PROBLEM TO SOLVE => Copy every line of the entries that has the string "diameter" in it.

GIVEN ENTRIES =>
----------
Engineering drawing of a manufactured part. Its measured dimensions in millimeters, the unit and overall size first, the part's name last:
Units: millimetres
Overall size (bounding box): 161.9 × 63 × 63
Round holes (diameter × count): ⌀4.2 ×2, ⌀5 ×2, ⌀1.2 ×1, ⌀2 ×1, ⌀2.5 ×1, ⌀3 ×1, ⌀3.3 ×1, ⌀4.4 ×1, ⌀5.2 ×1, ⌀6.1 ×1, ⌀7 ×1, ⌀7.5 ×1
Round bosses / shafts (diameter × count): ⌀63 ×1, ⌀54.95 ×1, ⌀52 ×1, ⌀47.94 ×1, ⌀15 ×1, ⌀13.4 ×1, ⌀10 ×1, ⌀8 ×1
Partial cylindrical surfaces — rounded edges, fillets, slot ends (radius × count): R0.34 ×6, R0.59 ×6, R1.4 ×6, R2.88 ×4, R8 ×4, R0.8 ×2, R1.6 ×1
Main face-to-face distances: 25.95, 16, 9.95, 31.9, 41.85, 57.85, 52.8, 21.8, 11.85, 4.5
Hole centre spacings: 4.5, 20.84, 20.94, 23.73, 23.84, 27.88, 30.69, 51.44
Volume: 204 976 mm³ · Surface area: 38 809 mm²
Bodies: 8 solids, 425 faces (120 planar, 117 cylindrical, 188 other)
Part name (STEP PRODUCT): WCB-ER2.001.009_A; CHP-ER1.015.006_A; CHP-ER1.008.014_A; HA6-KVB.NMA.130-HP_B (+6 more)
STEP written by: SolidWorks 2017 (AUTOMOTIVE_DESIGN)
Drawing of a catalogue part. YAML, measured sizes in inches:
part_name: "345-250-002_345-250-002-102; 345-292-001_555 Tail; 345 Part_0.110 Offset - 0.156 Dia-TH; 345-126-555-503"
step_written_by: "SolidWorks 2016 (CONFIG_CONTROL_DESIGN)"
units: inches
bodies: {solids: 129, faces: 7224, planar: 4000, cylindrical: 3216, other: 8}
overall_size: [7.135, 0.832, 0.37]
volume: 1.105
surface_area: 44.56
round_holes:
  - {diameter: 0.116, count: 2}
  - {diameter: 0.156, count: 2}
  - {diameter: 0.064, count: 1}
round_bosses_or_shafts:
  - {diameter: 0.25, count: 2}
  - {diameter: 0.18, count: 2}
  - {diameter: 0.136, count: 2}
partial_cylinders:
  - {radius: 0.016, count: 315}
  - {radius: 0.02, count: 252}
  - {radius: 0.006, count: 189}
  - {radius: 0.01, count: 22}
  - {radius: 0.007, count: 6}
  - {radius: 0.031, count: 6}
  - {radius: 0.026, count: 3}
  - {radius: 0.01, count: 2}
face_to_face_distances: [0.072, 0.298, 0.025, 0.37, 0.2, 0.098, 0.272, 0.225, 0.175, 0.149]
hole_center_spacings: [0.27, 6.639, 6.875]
----------
FINISHED EXERCISE =>
Round holes (diameter × count): ⌀4.2 ×2, ⌀5 ×2, ⌀1.2 ×1, ⌀2 ×1, ⌀2.5 ×1, ⌀3 ×1, ⌀3.3 ×1, ⌀4.4 ×1, ⌀5.2 ×1, ⌀6.1 ×1, ⌀7 ×1, ⌀7.5 ×1
Round bosses / shafts (diameter × count): ⌀63 ×1, ⌀54.95 ×1, ⌀52 ×1, ⌀47.94 ×1, ⌀15 ×1, ⌀13.4 ×1, ⌀10 ×1, ⌀8 ×1
  - {diameter: 0.116, count: 2}
  - {diameter: 0.156, count: 2}
  - {diameter: 0.064, count: 1}
  - {diameter: 0.25, count: 2}
  - {diameter: 0.18, count: 2}
  - {diameter: 0.136, count: 2}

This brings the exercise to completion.